## [Task details]
From the entries below, copy every line holding the word "VECTOR".

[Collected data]
++++++++++

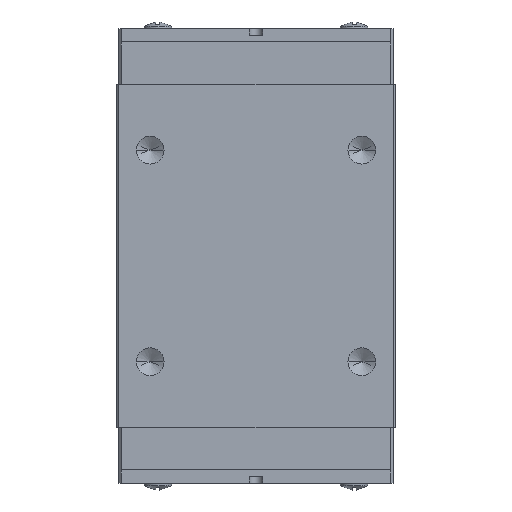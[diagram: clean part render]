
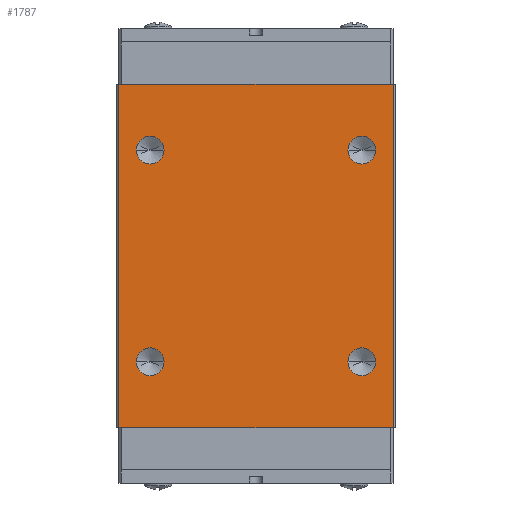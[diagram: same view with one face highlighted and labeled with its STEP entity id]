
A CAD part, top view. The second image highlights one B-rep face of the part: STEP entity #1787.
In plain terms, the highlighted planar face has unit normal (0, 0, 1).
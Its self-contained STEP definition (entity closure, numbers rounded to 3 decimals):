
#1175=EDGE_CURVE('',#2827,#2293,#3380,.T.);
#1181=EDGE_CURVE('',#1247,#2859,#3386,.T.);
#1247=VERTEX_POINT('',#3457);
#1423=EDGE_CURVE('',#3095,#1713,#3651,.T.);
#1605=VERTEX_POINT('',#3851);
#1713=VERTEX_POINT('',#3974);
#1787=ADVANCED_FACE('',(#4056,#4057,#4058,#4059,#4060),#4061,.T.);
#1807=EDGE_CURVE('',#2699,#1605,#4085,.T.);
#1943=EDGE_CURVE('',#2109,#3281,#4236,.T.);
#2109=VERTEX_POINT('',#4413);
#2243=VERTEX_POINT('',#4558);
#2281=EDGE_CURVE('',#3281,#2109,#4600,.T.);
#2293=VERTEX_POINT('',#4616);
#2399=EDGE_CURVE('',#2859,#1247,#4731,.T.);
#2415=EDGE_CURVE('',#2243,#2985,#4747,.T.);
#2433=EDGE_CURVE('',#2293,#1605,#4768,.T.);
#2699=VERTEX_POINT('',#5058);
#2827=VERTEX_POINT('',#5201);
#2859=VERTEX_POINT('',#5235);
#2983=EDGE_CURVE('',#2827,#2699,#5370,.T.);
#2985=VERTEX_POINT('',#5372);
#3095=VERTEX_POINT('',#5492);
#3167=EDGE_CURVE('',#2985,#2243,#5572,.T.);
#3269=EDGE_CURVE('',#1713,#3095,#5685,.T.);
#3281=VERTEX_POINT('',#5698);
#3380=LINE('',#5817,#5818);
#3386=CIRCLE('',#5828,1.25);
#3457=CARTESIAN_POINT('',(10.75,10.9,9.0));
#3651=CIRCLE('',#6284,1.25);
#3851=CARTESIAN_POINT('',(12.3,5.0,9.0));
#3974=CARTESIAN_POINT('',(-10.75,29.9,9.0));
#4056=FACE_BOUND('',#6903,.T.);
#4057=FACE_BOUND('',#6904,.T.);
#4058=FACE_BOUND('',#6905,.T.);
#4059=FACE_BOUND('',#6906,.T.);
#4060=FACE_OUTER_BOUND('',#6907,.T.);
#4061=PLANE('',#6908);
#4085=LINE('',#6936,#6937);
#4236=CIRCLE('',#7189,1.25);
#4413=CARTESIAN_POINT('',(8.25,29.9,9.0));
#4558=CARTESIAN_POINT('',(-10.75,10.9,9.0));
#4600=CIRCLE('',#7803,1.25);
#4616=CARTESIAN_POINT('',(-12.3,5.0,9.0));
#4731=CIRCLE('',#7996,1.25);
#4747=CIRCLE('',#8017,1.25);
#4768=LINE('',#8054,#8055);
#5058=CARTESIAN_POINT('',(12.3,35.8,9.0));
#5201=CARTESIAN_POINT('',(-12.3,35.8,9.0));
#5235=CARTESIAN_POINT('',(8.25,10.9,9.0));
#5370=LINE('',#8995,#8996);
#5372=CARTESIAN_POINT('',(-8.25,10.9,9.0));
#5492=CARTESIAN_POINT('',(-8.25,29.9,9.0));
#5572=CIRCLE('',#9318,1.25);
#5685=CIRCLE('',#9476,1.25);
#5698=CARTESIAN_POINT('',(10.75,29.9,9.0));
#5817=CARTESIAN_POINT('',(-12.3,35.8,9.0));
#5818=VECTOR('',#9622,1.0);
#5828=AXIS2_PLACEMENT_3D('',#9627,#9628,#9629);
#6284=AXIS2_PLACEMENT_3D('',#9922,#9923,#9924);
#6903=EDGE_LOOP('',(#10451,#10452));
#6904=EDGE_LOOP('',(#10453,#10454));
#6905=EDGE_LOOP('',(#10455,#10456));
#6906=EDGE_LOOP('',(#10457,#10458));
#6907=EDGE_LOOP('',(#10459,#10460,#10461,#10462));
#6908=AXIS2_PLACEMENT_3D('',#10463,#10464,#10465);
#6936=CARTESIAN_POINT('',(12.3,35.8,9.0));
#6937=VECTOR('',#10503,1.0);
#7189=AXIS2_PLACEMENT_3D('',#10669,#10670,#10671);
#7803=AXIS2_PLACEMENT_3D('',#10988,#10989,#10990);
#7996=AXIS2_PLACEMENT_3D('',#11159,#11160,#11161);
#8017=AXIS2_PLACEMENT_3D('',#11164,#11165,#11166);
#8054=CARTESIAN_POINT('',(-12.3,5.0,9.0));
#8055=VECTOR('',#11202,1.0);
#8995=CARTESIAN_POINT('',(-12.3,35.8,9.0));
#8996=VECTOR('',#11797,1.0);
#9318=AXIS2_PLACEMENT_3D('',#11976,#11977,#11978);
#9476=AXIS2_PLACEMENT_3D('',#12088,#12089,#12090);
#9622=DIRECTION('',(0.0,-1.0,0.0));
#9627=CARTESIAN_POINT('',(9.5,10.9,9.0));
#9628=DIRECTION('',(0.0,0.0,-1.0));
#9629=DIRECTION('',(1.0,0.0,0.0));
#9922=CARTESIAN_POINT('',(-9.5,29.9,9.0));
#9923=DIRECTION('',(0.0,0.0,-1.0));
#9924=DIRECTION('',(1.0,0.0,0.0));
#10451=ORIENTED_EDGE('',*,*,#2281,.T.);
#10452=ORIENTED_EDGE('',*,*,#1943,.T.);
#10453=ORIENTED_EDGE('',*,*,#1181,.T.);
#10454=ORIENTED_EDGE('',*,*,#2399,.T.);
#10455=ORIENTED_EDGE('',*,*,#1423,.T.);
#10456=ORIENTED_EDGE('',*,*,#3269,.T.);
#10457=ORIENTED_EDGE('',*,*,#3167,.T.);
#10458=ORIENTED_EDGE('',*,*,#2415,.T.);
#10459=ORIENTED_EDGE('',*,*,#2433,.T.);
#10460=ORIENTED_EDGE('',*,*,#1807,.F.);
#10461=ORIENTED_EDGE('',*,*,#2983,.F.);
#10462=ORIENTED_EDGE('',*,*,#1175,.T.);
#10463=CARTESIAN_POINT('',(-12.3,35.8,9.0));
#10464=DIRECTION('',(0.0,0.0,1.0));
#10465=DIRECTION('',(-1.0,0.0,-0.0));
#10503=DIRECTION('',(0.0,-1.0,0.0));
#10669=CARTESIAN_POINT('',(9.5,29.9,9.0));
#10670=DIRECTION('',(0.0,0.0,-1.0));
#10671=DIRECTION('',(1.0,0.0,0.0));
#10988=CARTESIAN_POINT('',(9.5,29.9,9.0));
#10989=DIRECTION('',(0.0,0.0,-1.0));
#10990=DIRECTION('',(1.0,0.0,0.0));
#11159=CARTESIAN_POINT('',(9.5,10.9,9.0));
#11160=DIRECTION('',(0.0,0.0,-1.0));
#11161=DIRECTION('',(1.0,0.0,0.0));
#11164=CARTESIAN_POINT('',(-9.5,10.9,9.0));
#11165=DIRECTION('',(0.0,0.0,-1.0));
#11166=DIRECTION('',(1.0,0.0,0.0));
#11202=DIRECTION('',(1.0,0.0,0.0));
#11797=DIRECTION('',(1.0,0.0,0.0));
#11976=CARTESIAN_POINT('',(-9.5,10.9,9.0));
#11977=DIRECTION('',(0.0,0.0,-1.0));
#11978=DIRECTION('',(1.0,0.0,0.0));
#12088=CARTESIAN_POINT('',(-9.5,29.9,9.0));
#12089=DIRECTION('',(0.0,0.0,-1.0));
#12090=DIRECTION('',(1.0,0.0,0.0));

++++++++++

## [Exercise solution]
#5818=VECTOR('',#9622,1.0);
#6937=VECTOR('',#10503,1.0);
#8055=VECTOR('',#11202,1.0);
#8996=VECTOR('',#11797,1.0);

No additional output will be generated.